_EXERCISE DESCRIPTION:_
Output only the lines from the one holding "#2595=CARTESIAN_POINT('',(0.0,0.0,2.7));" to the end of the data below, please, copied exactly.

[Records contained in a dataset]

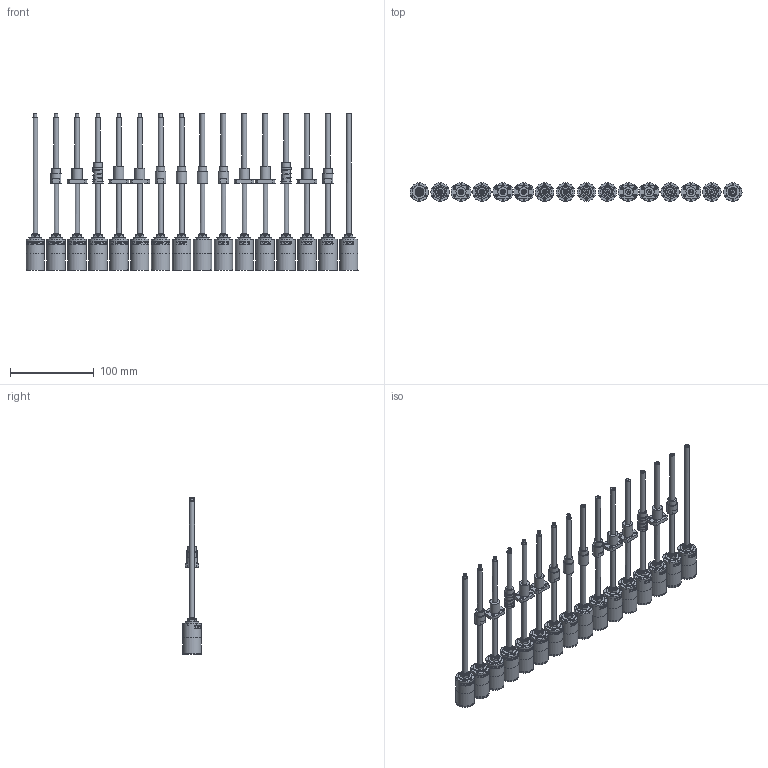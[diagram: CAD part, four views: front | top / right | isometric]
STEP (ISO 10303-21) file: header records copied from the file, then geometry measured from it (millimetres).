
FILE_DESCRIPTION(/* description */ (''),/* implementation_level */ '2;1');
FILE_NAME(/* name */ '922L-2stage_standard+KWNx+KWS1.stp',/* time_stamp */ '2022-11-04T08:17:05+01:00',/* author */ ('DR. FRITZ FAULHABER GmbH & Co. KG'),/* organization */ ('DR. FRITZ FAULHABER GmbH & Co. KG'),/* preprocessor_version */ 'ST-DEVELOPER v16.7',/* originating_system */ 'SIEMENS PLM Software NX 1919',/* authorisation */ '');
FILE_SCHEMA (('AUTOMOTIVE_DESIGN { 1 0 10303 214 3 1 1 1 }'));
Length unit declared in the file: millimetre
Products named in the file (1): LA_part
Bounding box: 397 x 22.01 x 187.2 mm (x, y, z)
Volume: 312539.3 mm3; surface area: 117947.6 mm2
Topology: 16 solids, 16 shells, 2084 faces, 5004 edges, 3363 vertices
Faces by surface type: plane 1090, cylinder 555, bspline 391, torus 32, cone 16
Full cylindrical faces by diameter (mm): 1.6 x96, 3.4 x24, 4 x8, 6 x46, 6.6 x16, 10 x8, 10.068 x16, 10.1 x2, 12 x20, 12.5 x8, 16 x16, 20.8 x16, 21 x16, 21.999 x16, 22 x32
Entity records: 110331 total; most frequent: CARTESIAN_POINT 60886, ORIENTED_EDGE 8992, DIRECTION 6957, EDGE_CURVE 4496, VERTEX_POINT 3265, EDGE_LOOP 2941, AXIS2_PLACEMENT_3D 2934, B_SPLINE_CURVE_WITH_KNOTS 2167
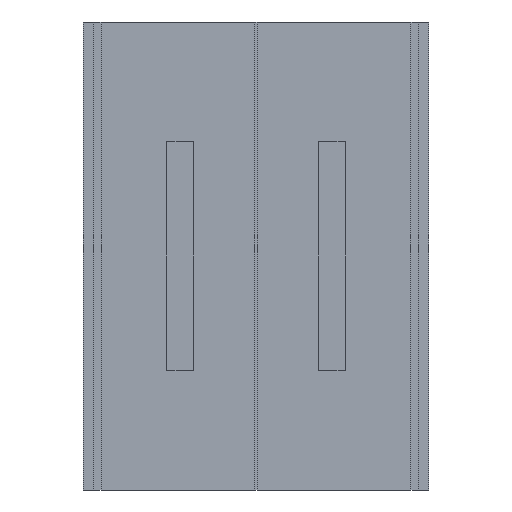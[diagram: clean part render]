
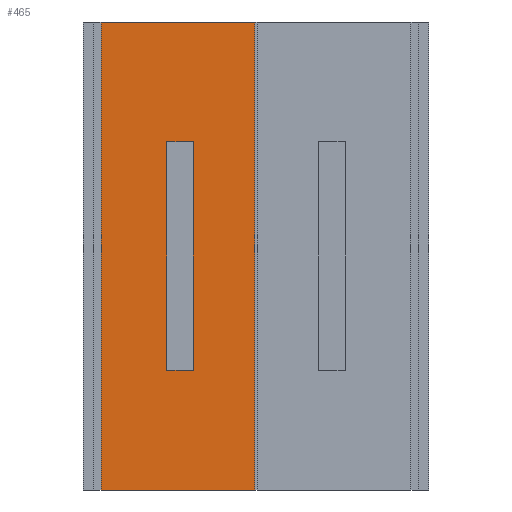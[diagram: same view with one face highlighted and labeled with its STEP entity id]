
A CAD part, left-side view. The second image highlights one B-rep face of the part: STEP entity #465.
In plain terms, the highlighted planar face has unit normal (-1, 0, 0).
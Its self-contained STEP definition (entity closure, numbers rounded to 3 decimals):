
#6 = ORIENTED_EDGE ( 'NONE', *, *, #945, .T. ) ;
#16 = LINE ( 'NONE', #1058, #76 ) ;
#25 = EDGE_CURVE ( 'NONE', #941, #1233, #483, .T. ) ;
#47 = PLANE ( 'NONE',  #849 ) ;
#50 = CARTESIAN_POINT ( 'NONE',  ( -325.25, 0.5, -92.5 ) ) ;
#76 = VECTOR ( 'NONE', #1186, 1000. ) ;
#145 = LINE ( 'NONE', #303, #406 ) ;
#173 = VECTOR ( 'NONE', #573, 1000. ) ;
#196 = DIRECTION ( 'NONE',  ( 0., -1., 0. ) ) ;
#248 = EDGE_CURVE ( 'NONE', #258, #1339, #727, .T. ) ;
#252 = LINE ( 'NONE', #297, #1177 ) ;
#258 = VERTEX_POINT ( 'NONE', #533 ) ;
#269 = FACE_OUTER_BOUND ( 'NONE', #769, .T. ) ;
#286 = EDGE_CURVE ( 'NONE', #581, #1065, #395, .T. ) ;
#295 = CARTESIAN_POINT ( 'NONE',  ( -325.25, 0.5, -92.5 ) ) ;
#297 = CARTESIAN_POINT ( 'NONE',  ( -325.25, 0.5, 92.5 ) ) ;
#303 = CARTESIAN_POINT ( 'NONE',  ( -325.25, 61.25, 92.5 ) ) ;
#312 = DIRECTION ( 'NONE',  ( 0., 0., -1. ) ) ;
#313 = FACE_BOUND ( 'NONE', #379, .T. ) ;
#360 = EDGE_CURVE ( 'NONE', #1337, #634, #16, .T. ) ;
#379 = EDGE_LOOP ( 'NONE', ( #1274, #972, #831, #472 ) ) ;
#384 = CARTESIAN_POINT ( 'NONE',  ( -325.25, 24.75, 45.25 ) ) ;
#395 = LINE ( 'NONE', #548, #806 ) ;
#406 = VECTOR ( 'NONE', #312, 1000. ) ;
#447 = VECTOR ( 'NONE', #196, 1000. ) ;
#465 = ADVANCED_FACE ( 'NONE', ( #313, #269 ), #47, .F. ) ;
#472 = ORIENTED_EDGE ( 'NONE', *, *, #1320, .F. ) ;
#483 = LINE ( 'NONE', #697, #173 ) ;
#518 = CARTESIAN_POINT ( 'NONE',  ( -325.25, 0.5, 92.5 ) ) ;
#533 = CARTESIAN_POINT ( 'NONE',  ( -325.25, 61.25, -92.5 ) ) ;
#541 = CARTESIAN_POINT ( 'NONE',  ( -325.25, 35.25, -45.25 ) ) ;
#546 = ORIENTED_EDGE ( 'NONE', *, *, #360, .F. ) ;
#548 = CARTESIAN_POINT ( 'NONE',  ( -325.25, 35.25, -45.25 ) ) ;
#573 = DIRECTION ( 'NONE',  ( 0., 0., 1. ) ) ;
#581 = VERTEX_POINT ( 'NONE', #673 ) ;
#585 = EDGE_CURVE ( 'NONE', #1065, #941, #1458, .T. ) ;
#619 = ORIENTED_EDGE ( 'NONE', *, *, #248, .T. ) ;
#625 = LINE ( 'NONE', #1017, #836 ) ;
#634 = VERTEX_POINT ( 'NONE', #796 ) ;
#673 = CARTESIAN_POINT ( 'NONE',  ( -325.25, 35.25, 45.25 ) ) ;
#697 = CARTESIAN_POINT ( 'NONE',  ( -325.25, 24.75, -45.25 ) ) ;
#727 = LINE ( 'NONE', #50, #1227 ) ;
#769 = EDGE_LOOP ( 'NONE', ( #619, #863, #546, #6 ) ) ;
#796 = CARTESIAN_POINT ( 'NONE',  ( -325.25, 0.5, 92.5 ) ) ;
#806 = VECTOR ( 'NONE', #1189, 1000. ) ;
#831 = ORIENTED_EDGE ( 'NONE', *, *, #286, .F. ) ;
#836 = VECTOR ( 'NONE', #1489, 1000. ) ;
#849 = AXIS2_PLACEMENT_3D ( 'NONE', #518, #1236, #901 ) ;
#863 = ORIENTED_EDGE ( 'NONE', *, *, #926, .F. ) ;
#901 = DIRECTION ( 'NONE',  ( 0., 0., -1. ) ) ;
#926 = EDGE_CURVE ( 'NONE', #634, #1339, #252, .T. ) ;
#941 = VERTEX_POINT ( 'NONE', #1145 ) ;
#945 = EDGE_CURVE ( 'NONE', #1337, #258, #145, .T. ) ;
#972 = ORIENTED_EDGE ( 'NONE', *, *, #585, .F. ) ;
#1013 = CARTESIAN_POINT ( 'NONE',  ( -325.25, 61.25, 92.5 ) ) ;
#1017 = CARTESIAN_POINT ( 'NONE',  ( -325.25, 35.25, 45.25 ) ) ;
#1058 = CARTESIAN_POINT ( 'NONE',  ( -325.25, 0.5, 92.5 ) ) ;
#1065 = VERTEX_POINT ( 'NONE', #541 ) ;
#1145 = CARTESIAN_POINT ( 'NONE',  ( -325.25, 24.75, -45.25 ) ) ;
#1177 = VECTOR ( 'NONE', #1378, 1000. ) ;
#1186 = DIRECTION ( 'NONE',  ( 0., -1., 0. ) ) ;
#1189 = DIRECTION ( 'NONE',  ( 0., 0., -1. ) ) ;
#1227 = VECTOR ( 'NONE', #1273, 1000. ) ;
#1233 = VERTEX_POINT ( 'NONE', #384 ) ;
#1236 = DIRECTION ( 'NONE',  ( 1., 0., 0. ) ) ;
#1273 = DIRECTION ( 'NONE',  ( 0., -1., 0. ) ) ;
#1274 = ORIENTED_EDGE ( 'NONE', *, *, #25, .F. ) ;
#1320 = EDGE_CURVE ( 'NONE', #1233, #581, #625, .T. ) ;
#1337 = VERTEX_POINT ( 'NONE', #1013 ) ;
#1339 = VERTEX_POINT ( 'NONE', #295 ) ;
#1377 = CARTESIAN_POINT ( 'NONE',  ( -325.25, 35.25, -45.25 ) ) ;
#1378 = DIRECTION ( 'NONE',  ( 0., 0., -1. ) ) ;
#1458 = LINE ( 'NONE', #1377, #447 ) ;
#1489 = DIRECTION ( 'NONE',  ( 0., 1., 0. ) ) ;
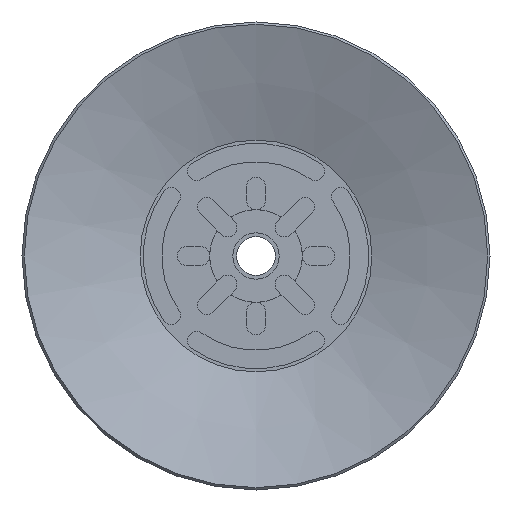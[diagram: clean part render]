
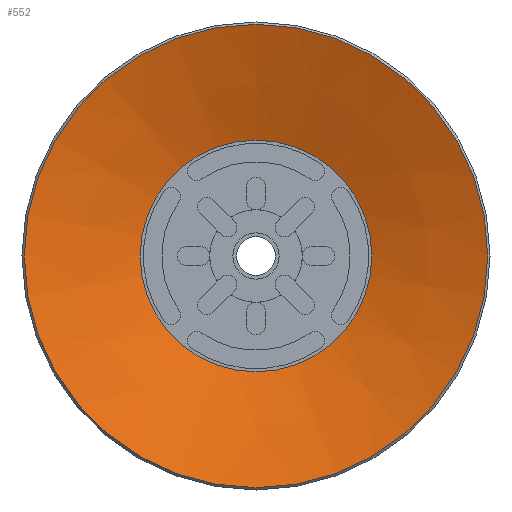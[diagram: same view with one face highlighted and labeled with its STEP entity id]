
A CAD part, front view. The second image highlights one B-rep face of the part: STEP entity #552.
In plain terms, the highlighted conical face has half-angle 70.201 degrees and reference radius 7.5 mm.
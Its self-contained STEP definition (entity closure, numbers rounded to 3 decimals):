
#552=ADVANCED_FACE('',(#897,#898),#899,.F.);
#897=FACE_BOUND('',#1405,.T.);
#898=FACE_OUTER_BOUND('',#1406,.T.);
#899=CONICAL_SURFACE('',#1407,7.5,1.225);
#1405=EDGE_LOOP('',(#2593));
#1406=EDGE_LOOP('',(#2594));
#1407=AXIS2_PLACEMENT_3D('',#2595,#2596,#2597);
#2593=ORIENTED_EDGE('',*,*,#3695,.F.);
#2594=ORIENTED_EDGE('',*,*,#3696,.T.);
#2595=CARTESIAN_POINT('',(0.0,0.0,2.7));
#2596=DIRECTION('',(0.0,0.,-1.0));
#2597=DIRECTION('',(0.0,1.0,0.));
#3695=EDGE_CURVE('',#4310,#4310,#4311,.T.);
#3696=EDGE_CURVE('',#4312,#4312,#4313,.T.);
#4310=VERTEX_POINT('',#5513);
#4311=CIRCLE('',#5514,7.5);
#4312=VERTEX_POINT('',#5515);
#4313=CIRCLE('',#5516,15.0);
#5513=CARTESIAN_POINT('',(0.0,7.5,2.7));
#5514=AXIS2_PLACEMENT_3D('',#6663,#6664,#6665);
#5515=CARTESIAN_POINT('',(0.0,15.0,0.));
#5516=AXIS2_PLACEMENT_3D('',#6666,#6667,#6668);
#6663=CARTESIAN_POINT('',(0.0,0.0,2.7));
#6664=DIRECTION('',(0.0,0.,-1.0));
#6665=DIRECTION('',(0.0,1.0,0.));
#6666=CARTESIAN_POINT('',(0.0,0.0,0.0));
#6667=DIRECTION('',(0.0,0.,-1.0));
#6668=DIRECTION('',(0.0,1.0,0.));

_ANSWER TO THE PROBLEM:_
#2595=CARTESIAN_POINT('',(0.0,0.0,2.7));
#2596=DIRECTION('',(0.0,0.,-1.0));
#2597=DIRECTION('',(0.0,1.0,0.));
#3695=EDGE_CURVE('',#4310,#4310,#4311,.T.);
#3696=EDGE_CURVE('',#4312,#4312,#4313,.T.);
#4310=VERTEX_POINT('',#5513);
#4311=CIRCLE('',#5514,7.5);
#4312=VERTEX_POINT('',#5515);
#4313=CIRCLE('',#5516,15.0);
#5513=CARTESIAN_POINT('',(0.0,7.5,2.7));
#5514=AXIS2_PLACEMENT_3D('',#6663,#6664,#6665);
#5515=CARTESIAN_POINT('',(0.0,15.0,0.));
#5516=AXIS2_PLACEMENT_3D('',#6666,#6667,#6668);
#6663=CARTESIAN_POINT('',(0.0,0.0,2.7));
#6664=DIRECTION('',(0.0,0.,-1.0));
#6665=DIRECTION('',(0.0,1.0,0.));
#6666=CARTESIAN_POINT('',(0.0,0.0,0.0));
#6667=DIRECTION('',(0.0,0.,-1.0));
#6668=DIRECTION('',(0.0,1.0,0.));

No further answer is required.